Todo esse processo fazia a sua tela piscar por um momento, é claro, mas era tudo tão rápido que a chance de você conseguir realmente ver os quadrados era pequena. A única impressão era um flash em cada tiro, que, se formos realmente fundo, podemos pensar como uma representação do recuo da arma, talvez? De toda forma, era o preço a se pagar para que as coisas funcionassem e sendo algo novo naquela época, ninguém tava ligando muito.

A boa ideia já está na sua frente

Talvez não tenha sido um ótimo exemplo para o ponto que quero mostrar aqui, afinal, estamos falando só de um joguinho de videogame dos anos 80.

Mas, na verdade, ele é o 13º joguinho de videogame mais vendido de toda a história e tudo que ele precisou foi de um console que conseguia mostrar uns patos, grama e um cachorro chato na tela, uma técnica usando quadrados brancos inventada treze anos antes, um componente elétrico criado nos anos 40 e uma inovadora ideia para enxergar uma forma disso tudo funcionar junto.

É bom deixar claro que, de longe, essa não é e nunca será a única forma de inovar. Descobrir uma nova tecnologia, ou a descoberta científica do século, é tão importante quanto ter uma boa ideia aqui ou ali. Afinal, é isso que nos move pra frente e nos dá novas possibilidades.

Fonte da imagem: SENAI-RN

Mas o meu ponto é que várias dessas possibilidades já estão aí, mas ainda não foram encontradas, e o mundo das startups já sabe disso a um tempo. Nós temos tanta coisa a nossa disposição para desenvolver e criar soluções que, muitas vezes, basta apenas enxergar as coisas de uma outra maneira, fazer conexões que não tinham feito antes e pensar de um jeito que, talvez, alguém já pensou, mas não deu tempo de contar pro coleguinha do lado e você acabou nem sabendo ainda.

Agora, se quiser voltar um pouco mais ao presente, vamos esquecer os jogos oitentistas e pensar aí no menu de aplicativos do seu celular. Lembra de todos os apps que você instalou porque acabaram de entrar na moda? Ou então porque você leu um artigo que dizia como inovadora era essa ideia que três universitários tiveram e agora todo o mundo quer usar ele?
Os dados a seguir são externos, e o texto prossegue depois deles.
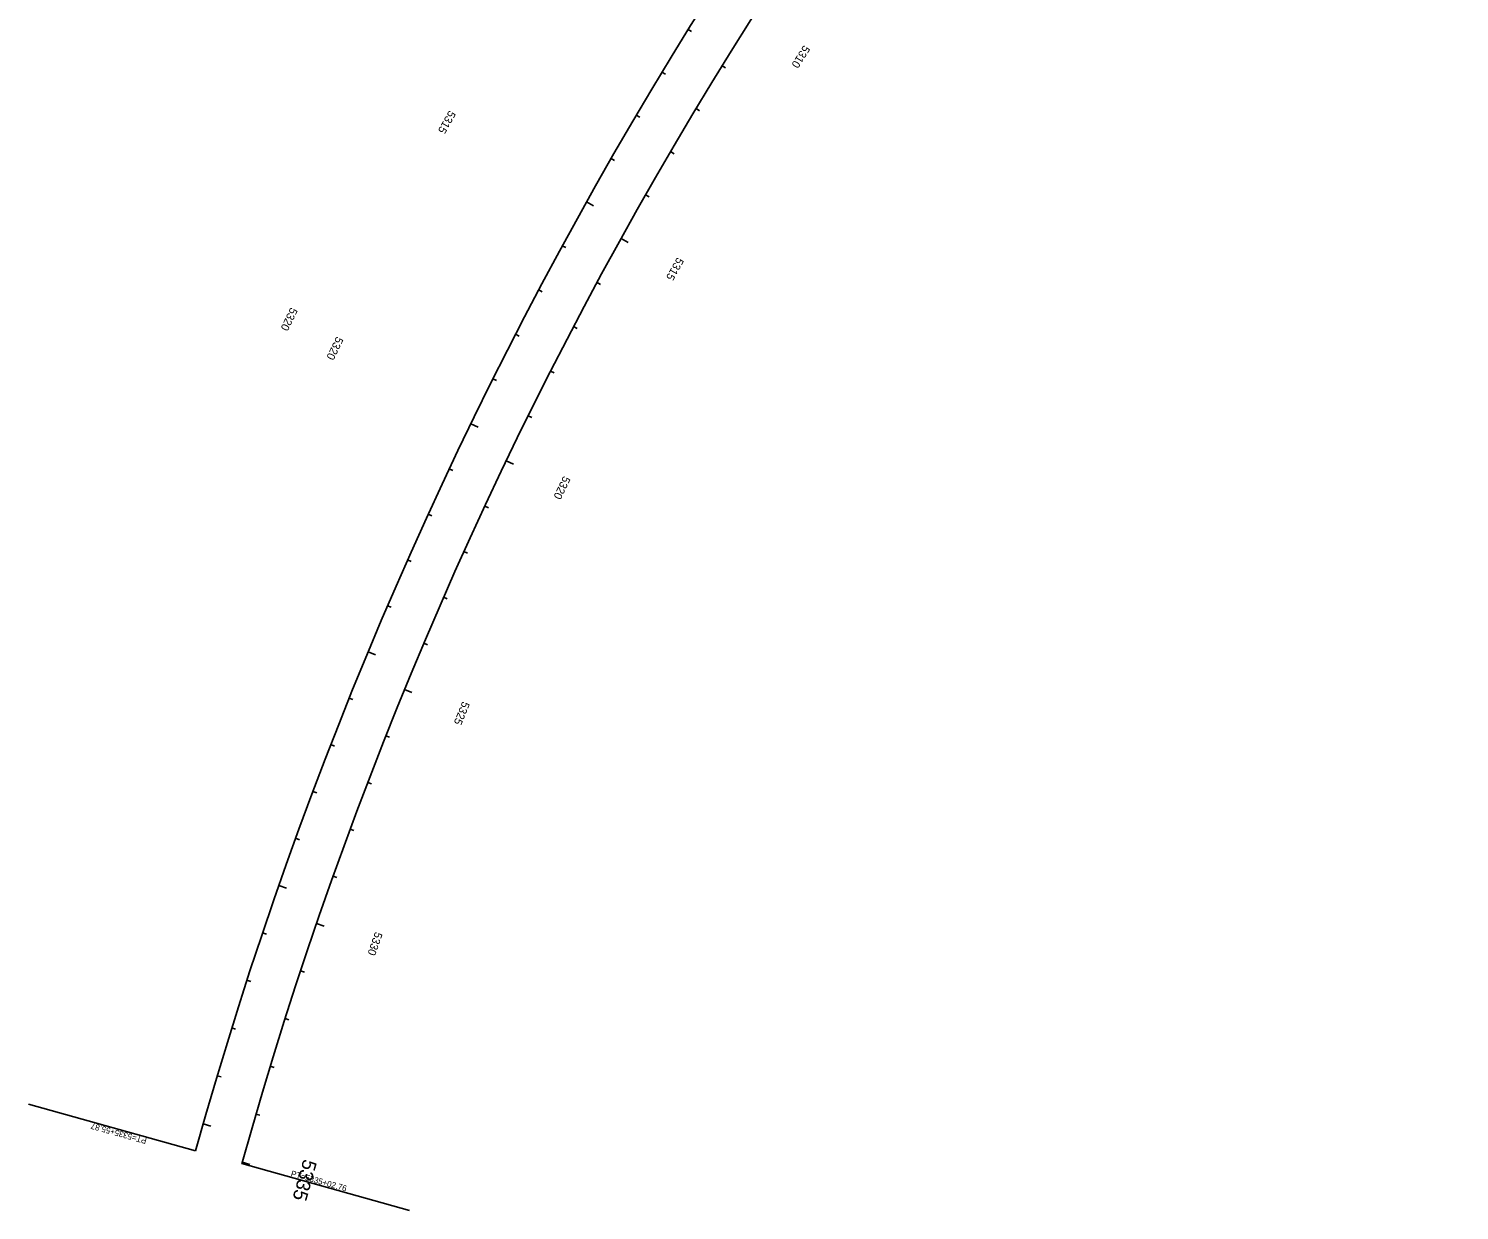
# Model space of a CAD drawing. Extents: x 2160877 to 2175861, y 601747 to 617724.
# Drawn here: x 2160877 to 2163737, y 601747 to 604108 of the extents above; entities that cross this region are included whole.
import ezdxf

# ---------------------------------------------------------------- set-up
doc = ezdxf.new("R2010")
doc.units = 0
for name, color, linetype in [('RD_HC_Cl', 7, 'Continuous'), ('RD_HC_Data', 7, 'Continuous'), ('RD_HC_Data_Tic', 7, 'Continuous'), ('RD_HC_TX_StaOther', 7, 'Continuous')]:
    doc.layers.add(name, color=color, linetype=linetype)

msp = doc.modelspace()

# ---------------------------------------------------------------- linework, layer by layer
at = {"layer": 'RD_HC_Cl'}
for radius in [8641.9, 8545.9]:
    msp.add_arc((2169535, 599544.7), radius, 132.71947, 164.41949, dxfattribs=at)
at = {"layer": 'RD_HC_Data'}
for p, q in [((2161210.6, 601865.9), (2160876.7, 601959)), ((2161303.1, 601840.1), (2161637.9, 601746.8))]:
    msp.add_line(p, q, dxfattribs=at)
at = {"layer": 'RD_HC_Data_Tic'}
for p, q in [((2162195.3, 604106.7), (2162202.1, 604102.5)), ((2162263.2, 604034.1), (2162270, 604029.9)), ((2162143, 604021.5), (2162149.8, 604017.3)), ((2162211.2, 603948.7), (2162218, 603944.5)), ((2162091.7, 603935.6), (2162098.6, 603931.6)), ((2162160.2, 603862.7), (2162167.1, 603858.6)), ((2162041.4, 603849.2), (2162048.3, 603845.2)), ((2161992.1, 603762.2), (2162006, 603754.4)), ((2162110.1, 603776.1), (2162117.1, 603772.1)), ((2161943.8, 603674.6), (2161950.8, 603670.8)), ((2162061.1, 603688.9), (2162075.1, 603681.2)), ((2161896.5, 603586.5), (2161903.6, 603582.8)), ((2162013.2, 603601.2), (2162020.2, 603597.4)), ((2161850.2, 603497.9), (2161857.4, 603494.2)), ((2161966.2, 603512.9), (2161973.3, 603509.2)), ((2161805, 603408.7), (2161812.2, 603405.1)), ((2161920.3, 603424), (2161927.4, 603420.4)), ((2161760.8, 603319), (2161775.2, 603312)), ((2161875.4, 603334.7), (2161882.6, 603331.1)), ((2161831.6, 603244.8), (2161846, 603237.9)), ((2161717.7, 603228.8), (2161724.9, 603225.4)), ((2161788.8, 603154.4), (2161796.1, 603151)), ((2161675.6, 603138.1), (2161682.8, 603134.7)), ((2161747.1, 603063.5), (2161754.4, 603060.2)), ((2161634.5, 603046.9), (2161641.8, 603043.6)), ((2161594.5, 602955.2), (2161601.9, 602952.1)), ((2161706.5, 602972.1), (2161713.8, 602968.9)), ((2161555.6, 602863.1), (2161570.4, 602857)), ((2161666.9, 602880.3), (2161674.3, 602877.2)), ((2161628.4, 602788), (2161643.2, 602781.9)), ((2161517.7, 602770.6), (2161525.1, 602767.6)), ((2161591, 602695.3), (2161598.5, 602692.3)), ((2161480.9, 602677.6), (2161488.4, 602674.7)), ((2161445.2, 602584.2), (2161452.7, 602581.4)), ((2161554.7, 602602.1), (2161562.2, 602599.2)), ((2161410.6, 602490.4), (2161418.1, 602487.6)), ((2161519.5, 602508.5), (2161527, 602505.7)), ((2161485.3, 602414.5), (2161492.9, 602411.8)), ((2161377, 602396.2), (2161392.2, 602390.9)), ((2161452.3, 602320.1), (2161467.4, 602314.9)), ((2161344.6, 602301.6), (2161352.2, 602299)), ((2161313.2, 602206.6), (2161320.9, 602204.2)), ((2161420.4, 602225.4), (2161428, 602222.9)), ((2161389.6, 602130.2), (2161397.2, 602127.8)), ((2161283, 602111.3), (2161290.6, 602108.9)), ((2161359.9, 602034.7), (2161367.5, 602032.4)), ((2161253.9, 602015.6), (2161261.5, 602013.4)), ((2161225.8, 601919.7), (2161241.2, 601915.3)), ((2161331.3, 601938.9), (2161339, 601936.7)), ((2161303.8, 601842.8), (2161319.3, 601838.5))]:
    msp.add_line(p, q, dxfattribs=at)

# ---------------------------------------------------------------- texts
at = {"layer": 'RD_HC_Data'}
for s, rotation, p in [('PT=5335+55.87', 164.4195, (2161113.8, 601890.8)), ('PT=5335+02.76', 344.4195, (2161400, 601815.2))]:
    msp.add_text(s, height=12, rotation=rotation, dxfattribs=at).set_placement(p)
at = {"layer": 'RD_HC_TX_StaOther'}
for s, height, rotation, p in [('5310', 16, 237.6399, (2162426.7, 604076.5)), ('5315', 16, 240.7891, (2161717.7, 603946)), ('5315', 16, 240.9921, (2162173.7, 603652.6)), ('5320', 16, 244.0312, (2161400.9, 603552.4)), ('5320', 16, 244.1041, (2161492.4, 603494.2)), ('5320', 16, 244.3443, (2161946.3, 603215.6)), ('5325', 16, 247.6966, (2161744.4, 602765.1)), ('5330', 16, 251.0488, (2161569.6, 602304.5)), ('5335', 28, 254.401, (2161426.5, 601850.6))]:
    msp.add_text(s, height=height, rotation=rotation, dxfattribs=at).set_placement(p)

doc.saveas('drawing.dxf')

Em última instância, boa parte dessas ideias parecem tão simples quanto você pensa por esse lado, mas o grande marco foi quando alguém realmente viu que elas eram possíveis e colocaram em prática. Redes sociais já existiam desde muito tempo e as pessoas já mandavam muito SMS quando os caras do Twitter decidiram focar na união das duas.

Pokémon GO, que foi a grande febre “tecnológica” por um tempo aí, nada mais é que uma nova versão do Ingress, jogo feito em 2012, com realidade aumentada (que é pesquisada faz uns 40 anos já e contando) e os personagens de uma franquia criada nos anos 80. No fim das contas, os ingredientes já existiam, mas faltava alguém pra achar a receita certa.

A verdade é que, todo esse texto só surgiu porque eu queria falar de inovação, vi que Duck Hunt seria um bom exemplo e parecia que ninguém tinha feito isso antes. E, mesmo que não tenha sido uma boa ideia, o importante é que você comece a pensar no mundo hoje não só como uma lista de realizações e feitos, mas também como um universo de coisas ainda a se fazer. Vai que nessa brincadeira você faz um jogo que vende 13 milhões de cópias, né?